Nearly everyone already has BPJS Kesehatan. Here is how to write top-up health insurance content that adds value without disparaging it.

By Tessar Napitupulu, Founder and CEO of PT Arfadia Digital Indonesia, Forbes Agency Council member, and author of Found Before They Search and Cited or Silent. Published July 2026.

BPJS Kesehatan, Indonesia's mandatory national health insurance scheme, covered roughly 283 million participants as of October 2025, equal to 99.34% of the population. That single fact should shape almost every sentence of private health insurance content written for the Indonesian market, because it means the overwhelming majority of readers already have a default answer to "do I have health coverage." The question private health insurance content actually has to answer is narrower and more specific: what does that default coverage not include, and is the gap large enough to matter to this particular reader.

Get that framing wrong, and the content either wastes effort explaining coverage the reader already has, or worse, reads as an attack on a public programme most Indonesians rely on and many feel genuinely loyal to. Get it right, and the content becomes the clearest, most useful explanation of a genuinely confusing overlap that most competitors either oversimplify or avoid addressing directly.

What BPJS Kesehatan Actually Covers, and Where the Real Gaps Sit

The most consequential regulatory change affecting this content category right now is KRIS, the Kelas Rawat Inap Standar reform, which standardises hospital inpatient room classes under BPJS Kesehatan and phases out the old Class 1, 2, and 3 differentiation. For a reader accustomed to BPJS Class 1, which functioned close to a private-room equivalent, KRIS represents a real downgrade in the specific amenity that reader may value most: room privacy and comfort during hospitalisation. That is one of the few places where a private top-up product genuinely and unambiguously adds value, and it deserves to be explained plainly rather than buried in a product brochure.

Beyond room class, the gaps that matter most in practice are outpatient coverage limits, claims processing speed, access to a broader hospital network including facilities outside the BPJS system, and coverage for certain non-communicable disease treatments with more flexible waiting periods than the public scheme allows. None of these are reasons BPJS Kesehatan is inadequate as a baseline.
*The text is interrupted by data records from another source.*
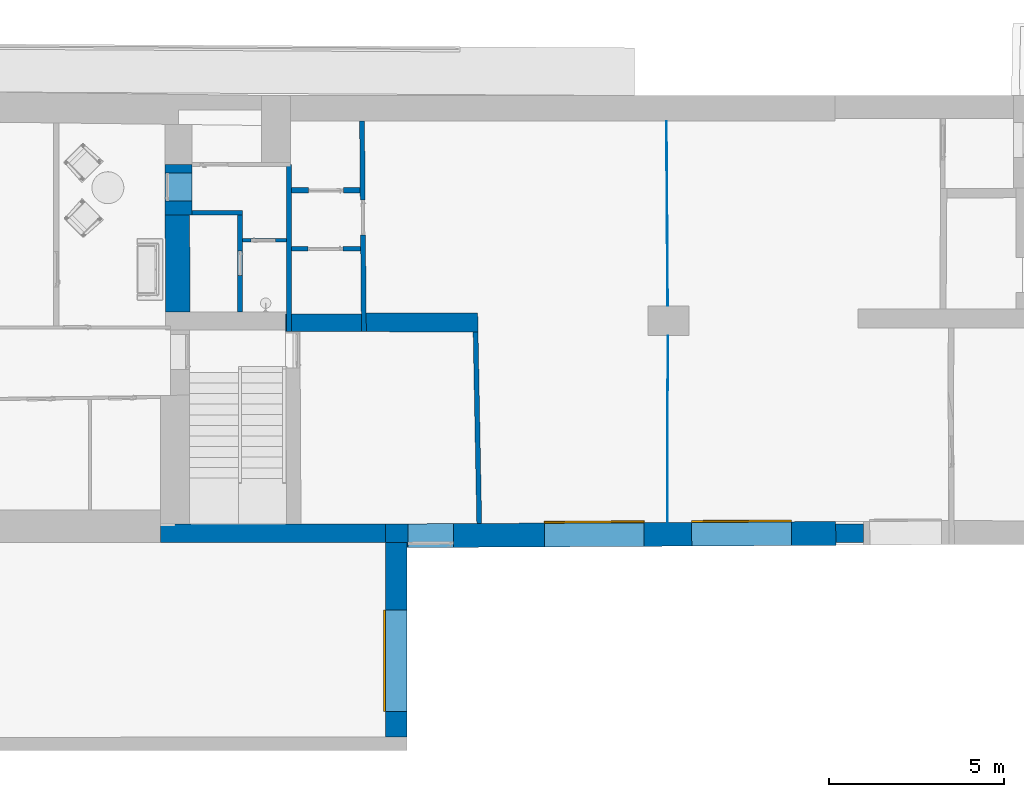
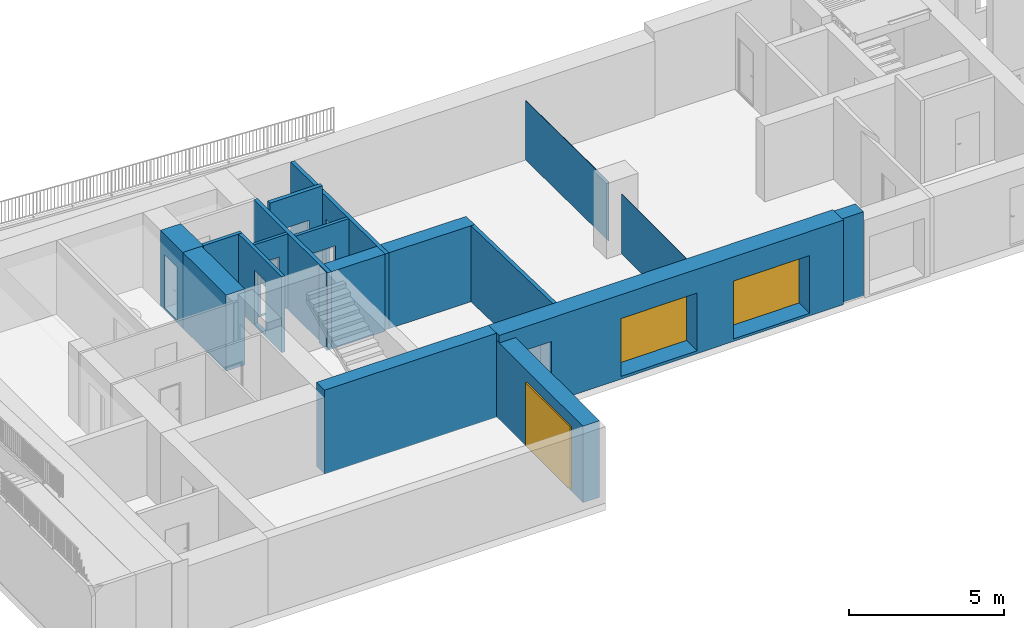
# One storey, part 3 of 17: 17 walls, 3 doors, 14 openings.
"""IFC2X3 building model written with IfcOpenShell, lengths in millimetres."""

from ifc_helpers import new_model, entity, si_unit, converted_unit, derived_unit, direction, frame, frame_2d, origin, origin_2d_with_axis, place, context, subcontext, project, spatial, polyline, rectangle, outline, extrude, clip, bounded_halfspace, source, transform, mapped, material, layer, layer_set, layer_usage, type_object, type_shapes, element, fill, save


model = new_model("IFC2X3")

# Units and contexts
model_context = context("Model", 3, precision=0.01, world=origin(), true_north=direction((6.12303176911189e-17, 1.0)))
context_of_model = context(None, 3, precision=0.01, world=origin(), true_north=direction((6.12303176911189e-17, 1.0)))
body_context = subcontext(model_context, "Body", "Model", "MODEL_VIEW")
ifc_project = project(units=[si_unit("LENGTHUNIT", "METRE", prefix="MILLI"), si_unit("AREAUNIT", "SQUARE_METRE"), si_unit("VOLUMEUNIT", "CUBIC_METRE"), converted_unit("PLANEANGLEUNIT", "DEGREE", entity("IfcRatioMeasure", 0.0174532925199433), si_unit("PLANEANGLEUNIT", "RADIAN"), dimensions=[0, 0, 0, 0, 0, 0, 0]), si_unit("MASSUNIT", "GRAM", prefix="KILO"), derived_unit("MASSDENSITYUNIT", [(si_unit("MASSUNIT", "GRAM", prefix="KILO"), 1), (si_unit("LENGTHUNIT", "METRE"), -3)]), si_unit("TIMEUNIT", "SECOND"), si_unit("FREQUENCYUNIT", "HERTZ"), si_unit("THERMODYNAMICTEMPERATUREUNIT", "DEGREE_CELSIUS"), derived_unit("THERMALTRANSMITTANCEUNIT", [(si_unit("MASSUNIT", "GRAM", prefix="KILO"), 1), (si_unit("THERMODYNAMICTEMPERATUREUNIT", "KELVIN"), -1), (si_unit("TIMEUNIT", "SECOND"), -3)]), derived_unit("VOLUMETRICFLOWRATEUNIT", [(si_unit("LENGTHUNIT", "METRE"), 3), (si_unit("TIMEUNIT", "SECOND"), -1)]), si_unit("ELECTRICCURRENTUNIT", "AMPERE"), si_unit("ELECTRICVOLTAGEUNIT", "VOLT"), si_unit("POWERUNIT", "WATT"), si_unit("FORCEUNIT", "NEWTON", prefix="KILO"), si_unit("ILLUMINANCEUNIT", "LUX"), si_unit("LUMINOUSFLUXUNIT", "LUMEN"), si_unit("LUMINOUSINTENSITYUNIT", "CANDELA"), derived_unit("USERDEFINED", [(si_unit("MASSUNIT", "GRAM", prefix="KILO"), -1), (si_unit("LENGTHUNIT", "METRE"), -2), (si_unit("TIMEUNIT", "SECOND"), 3), (si_unit("LUMINOUSFLUXUNIT", "LUMEN"), 1)]), derived_unit("LINEARVELOCITYUNIT", [(si_unit("LENGTHUNIT", "METRE"), 1), (si_unit("TIMEUNIT", "SECOND"), -1)]), si_unit("PRESSUREUNIT", "PASCAL"), derived_unit("USERDEFINED", [(si_unit("LENGTHUNIT", "METRE"), -2), (si_unit("MASSUNIT", "GRAM", prefix="KILO"), 1), (si_unit("TIMEUNIT", "SECOND"), -2)])], contexts=[model_context, context_of_model])

# Site, building, storey
site_placement = place(None, frame((121442.264707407, 135347.995453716, -1800.0)))
site = spatial("IfcSite", under=ifc_project, at=site_placement, Name="Surface", CompositionType="ELEMENT")
building_placement = place(site_placement, origin())
building = spatial("IfcBuilding", under=site, at=building_placement, CompositionType="ELEMENT")
storey_placement = place(building_placement, frame((0.0, 0.0, -1490.0)))
storey = spatial("IfcBuildingStorey", under=building, at=storey_placement, Name="Kelder", CompositionType="ELEMENT", Elevation=-1489.99999999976)

# Wall
ifc_material_1 = material(Name="__Betoonelement")
ifc_layer_1 = layer(ifc_material_1, 140.0)
ifc_layer_set_1 = layer_set([ifc_layer_1], Name="Basic Wall:14_Betoon 2")
ifc_layer_usage_1 = layer_usage(ifc_layer_set_1, "AXIS2", "NEGATIVE", 70.0)
wall_type_1 = type_object("IfcWallType", Name="Basic Wall:14_Betoon 2", PredefinedType="STANDARD", material=ifc_layer_set_1)
wall_1_placement = place(storey_placement, frame((-106456.566491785, -116807.778632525, 0.0), z_axis=(0.0, 0.0, 1.0), x_axis=(0.0, -1.0, 0.0)))
element("IfcWallStandardCase", 1, at=wall_1_placement, inside=storey, type_object=wall_type_1, material=ifc_layer_usage_1, Name="Basic Wall:14_Betoon 2", ObjectType="Basic Wall:14_Betoon 2", context=body_context, shape_type="Clipping", body=[
    clip(extrude(rectangle(XDim=4782.12035943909, YDim=140.000000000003, at=frame_2d((2391.06017971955, 0.0), x_axis=(-1.0, 0.0))), origin(), (0.0, 0.0, 1.0), 2997.0), bounded_halfspace(frame((60.0, -70.0, 2997.0), z_axis=(0.0, 0.0, -1.0), x_axis=(1.0, 0.0, 0.0)), True, frame((60.0, -70.0, 2997.0)), polyline([(0.0, 0.0), (2055.4322422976, 0.0), (2165.43224229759, 0.0), (4162.96981982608, 0.0), (4672.96981982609, 0.0), (4722.12035943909, 0.0), (4722.12035943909, 140.0), (4212.12035943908, 140.0), (2411.70424309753, 140.0), (2291.70424309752, 140.0), (0.0, 140.0), (0.0, 107.488269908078), (0.0, 0.0)]))),
])

# Wall, opening
ifc_layer_usage_2 = layer_usage(ifc_layer_set_1, "AXIS2", "NEGATIVE", 70.0)
wall_2_placement = place(storey_placement, frame((-104315.333458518, -121591.00230585, 0.0), z_axis=(0.0, 0.0, 1.0), x_axis=(-0.00869530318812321, 0.99996219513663, 0.0)))
wall_2 = element("IfcWallStandardCase", 2, at=wall_2_placement, inside=storey, type_object=wall_type_1, material=ifc_layer_usage_2, Name="Basic Wall:14_Betoon 2", ObjectType="Basic Wall:14_Betoon 2", context=body_context, shape_type="Clipping", body=[
    clip(extrude(outline(polyline([(0.0, -70.0), (540.040217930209, -70.0), (6021.4598611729, -70.0), (6022.67724964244, 70.0), (2432.22005119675, 70.0), (2312.21551444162, 70.0), (511.731331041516, 70.0), (1.70869322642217, 70.0), (0.0, -70.0)])), origin(), (0.0, 0.0, 1.0), 2997.0), bounded_halfspace(frame((0.0, -70.0, 2997.0), z_axis=(0.0, 0.0, -1.0), x_axis=(-0.99996219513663, 0.00869530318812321, 0.0)), True, frame((0.0, -70.0, 2997.0)), polyline([(0.0, 0.0), (540.04021793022, 0.0), (6021.4598611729, 0.0), (6022.67724964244, 140.0), (2432.22005119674, 140.0), (2312.21551444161, 140.0), (511.731331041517, 140.0), (1.70869322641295, 140.0), (0.0, 0.0)]))),
])
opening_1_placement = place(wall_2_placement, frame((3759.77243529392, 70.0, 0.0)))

They are reasons a specific reader, with a specific health profile and risk tolerance, might reasonably want a supplement.

The Coverage Reality

Near-Universal Base, Specific Gaps

What almost every reader already has, and what they might still be missing

283 Million

BPJS Kesehatan participants as of October 2025, 99.34% of the population

KRIS Reform

Standardised room classes replace the old Class 1/2/3 system, a real change for former Class 1 members

+29.3% YoY

Growth in individual health claims, H1 2024, a system already under demand pressure

Rp20 Trillion

Projected BPJS system deficit for 2024, part of the pressure behind KRIS and reform generally

Sources: Mordor Intelligence, citing BPJS/JKN data • industry reporting on KRIS and BPJS financial pressure
Created by Arfadia • blog.arfadia.com

The Query Cluster Content Actually Needs to Answer

Search behaviour around this overlap organises into a small number of recurring, specific patterns, and each deserves its own content treatment rather than a single generic "BPJS vs private insurance" page trying to answer all of them at once.

"BPJS vs asuransi kesehatan swasta"

This is genuine comparison intent. The reader is actively deciding whether to supplement or, less commonly, whether private coverage could substitute entirely. Content here needs a real comparison structure, ideally a table, covering room class, network breadth, claims speed, and waiting periods, without a thumb on the scale in either direction.

"Asuransi kesehatan tambahan BPJS"

Additive intent. This reader has already decided they want BPJS Kesehatan plus something else, and the content job is explaining how the "something else" works alongside a public scheme they are keeping, not replacing.

"Asuransi kesehatan kelas 1 BPJS tidak cukup"

Reactive discovery intent, most likely triggered directly by KRIS. This reader has just learned, or experienced, that their old Class 1 arrangement is changing, and they are searching from a position of mild alarm rather than calm research. Content answering this query should lead with a direct, calm explanation of what KRIS actually changes before pivoting to any product mention.

"Asuransi rawat inap swasta"

Specific product intent, for private room and hospitalisation coverage, the exact category KRIS has made more relevant. This is closer to bottom-funnel, and can carry a more direct product comparison or quote CTA.

Query Intent Right Content Type
"BPJS vs asuransi kesehatan swasta"ComparisonNeutral comparison table, room class, network, claims speed, waiting periods
"Asuransi kesehatan tambahan BPJS"AdditiveExplains how a top-up works alongside BPJS, not instead of it
"Asuransi kesehatan kelas 1 BPJS tidak cukup"Reactive discoveryCalm, direct explanation of the KRIS reform before any product mention
"Asuransi rawat inap swasta"Specific productBottom-funnel, direct comparison or quote CTA appropriate

Building four distinct pieces of content around these four intents, rather than one page trying to rank for all of them, consistently outperforms a single flattened page, for the same reason discussed in Arfadia's broader insurance SEO framework: different intents at different funnel stages cannot be served well by identical content.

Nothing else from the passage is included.